I think rr has done it's rounds on here, it is after all the original dodo wax. I've had and sold 3 pots of it. 

It's a great wax and no doubt I'll have another pot in the future. 

My favourites are OC and BV at the moment.


----------



## slkman (Jun 23, 2009)

:newbie:


Dipesh said:


> I think rr has done it's rounds on here, it is after all the original dodo wax. I've had and sold 3 pots of it.
> 
> It's a great wax and no doubt I'll have another pot in the future.
> 
> My favourites are OC and BV at the moment.


I think I joined the forums a bit late and totally missed out on Rainforest Rubs glory days! No matter, I'm catching up now


----------



## tamandlee (Mar 14, 2010)

love RR, big tub of it sat in my fridge with a sample size in my kit bag for emergencies.

Cracking stuff!!


----------



## AliBailey88 (Oct 13, 2009)

ive got a near full tub of this still, but i havent used it for the past year since selling my green golf gti, is this wax only for dark colours, i have a silver clio now, can i use it on this?


----------



## Detail My Ride (Apr 19, 2006)

You can use any Dodo Juice wax, on any colour car. Its just some are developed to work better on certain colours, although you can use them on any. Rainforest Rub is the generic soft wax for all colours so will work fine on Silver too.


----------



## Razzzle (Jul 3, 2010)

any wax will work on any colour car afaik.

Daz.


----------



## AliBailey88 (Oct 13, 2009)

Gaz W said:


> You can use any Dodo Juice wax, on any colour car. Its just some are developed to work better on certain colours, although you can use them on any. Rainforest Rub is the generic soft wax for all colours so will work fine on Silver too.


excellent, might dust the cob webs off then


----------



## tamandlee (Mar 14, 2010)

on a silver car it looks mint - I have it on my Artic Green (pale mettalic green) Alfa at the moment and it is a very wet, deep finish. You will be happy!!


----------



## R32rob (Feb 26, 2008)

Rainforest Rub is a fantastic wax, but in the dodo range you'll be hard pushed to beat Hard Candy :thumb:


----------



## slkman (Jun 23, 2009)

R32rob said:


> Rainforest Rub is a fantastic wax, but in the dodo range you'll be hard pushed to beat Hard Candy :thumb:


Isn't Hard Candy a bit tougher to work with than Rainforest Rub? Does it still give the gloss and wetness?

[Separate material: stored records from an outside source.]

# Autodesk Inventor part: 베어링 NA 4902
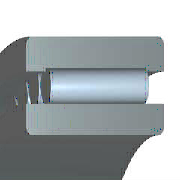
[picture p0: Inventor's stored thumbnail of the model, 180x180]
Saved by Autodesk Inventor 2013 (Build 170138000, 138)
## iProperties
IsCustomPart: 0
Manager: KYOUNG IL JANG
Company: 한국ATC센터
Created: 2009-02
Part Number: 베어링 NA 4902
Material: Steel, Mild
Description: 니들 롤러 베어링 - 경계 치수 및 공차
Document SubType Name: Modeling
Standard: KS B 2029
Standards Organization: KS
Language: ko-KR
Size Designation: NA 4902 - 15 x 28 x 13
Categories: <MemberInstance><Categories><Category DisplayName="샤프트 부품" InternalName="7f7aeb1f-a693-4053-b835-cee3144e0d98" Mnemonic="SHFT"><Category DisplayName="베어링" Inter
Density: 1 g/cm^3
Checked By: KYOUNG IL JANG
Vendor: CBT Solutions
Designer: KYOUNG IL JANG
Author: KYOUNG IL JANG
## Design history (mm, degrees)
sketch "스케치"
  geometry: L1 (1.857, 11.5)-(11.143, 11.5); L2 (11.143, 11.5)-(11.143, 10); L3 (13, 10)-(0, 10); L4 (1.857, 10)-(1.857, 11.5); L5 (1.857, 10.75)-(11.143, 10.75); L6 (6.5, 10.75)-(6.5, 10); L7 (0, 7.5)-(13, 7.5); L8 (0, 14)-(13, 14); L9 (13, 7.5)-(13, 10); L10 (13, 11.35)-(13, 14); L11 (1.857, 11.35)-(0, 11.35); L12 (11.143, 11.35)-(13, 11.35); L13 (-6, 0)-(36, 0) reference; L14 (0, -1.9)-(0, 14.9) reference
  constraints: 24 end point, 8 point on line, 3 midpoint, 3 parallel, 3 perpendicular, 2 symmetric about line, 1 horizontal, 1 other
  dimensions: "d6" = 15 diameter of L7 L13 (= WD); "d7" = 20 diameter of L3 L13 (= KID1); "d8" = 28 diameter of L8 L13 (= BD); "d9" = 21.5 diameter of L6.start L13 (= 0.5 x WD + 0.5 x BD); "d10" = 22.7 diameter of L12 L13 (= 0.9 x BD + 0.9 x WD - 0.8 x KID1); "d11" = 23 diameter of L1 L13 (= BD + WD - KID1); "d12" = 1.85714 distance between parallel lines of L14 L4 (= 0.142857 x KB); "d13" = 13 distance between parallel lines of L14 L9 (= KB); "d14" = 11.14286 distance between parallel lines of L14 L2 (= 0.857143 x KB)
revolve "본체" stored, may be unused: angle "d17" = 90 deg
revolve "롤러" stored, may be unused: angle "d18" = 90 deg
body "Solid1"
fillet "모깎기1" dims "d0" = 0.3 (= KRS)
pattern_circular "IDS_ARRAYROLLER[SIMPL:T]" dims angle "d2" = 360 deg
other parameters: "WD" = 15 [user parameter; used in 6 equation terms], "BD" = 28 [user parameter; used in 6 equation terms], "KB" = 13 [user parameter; used in 3 equation terms], "KID1" = 20 [user parameter; used in 4 equation terms], "KRS" = 0.3 [user parameter; used in 1 equation term], "d3" = 0, "d4" = 0, "d5" = 0, "d15" = 0, "d16" = 0, "BC0" = 1.37e+07 [user parameter], "WR" = 7.5 (= 0.5 x WD) [user parameter], "BBA" = 0 [user parameter], "BC" = 1.02e+07 [user parameter], "BR" = 14 (= 0.5 x BD) [user parameter]

Also has anyone tried Purple Haze on silver?? I'm intrigued to try... Think I might get a sample set and try them all :thumb:


----------



## R32rob (Feb 26, 2008)

Hard Candy is easier (IMO) to use than RR as it can be applied so thinly. The finish from HC is great and it lasts well too!


----------



## Dodo Factory (Apr 11, 2007)

Glad you're liking these 'classics'  What people sometimes forget is that we have a rolling development programme, so recipes like Rainforest Rub often get better and better (it's on its third formulation currently). So if a wax was launched and liked by some, those coming to it three years later may find it to be an even more impressive wax than before.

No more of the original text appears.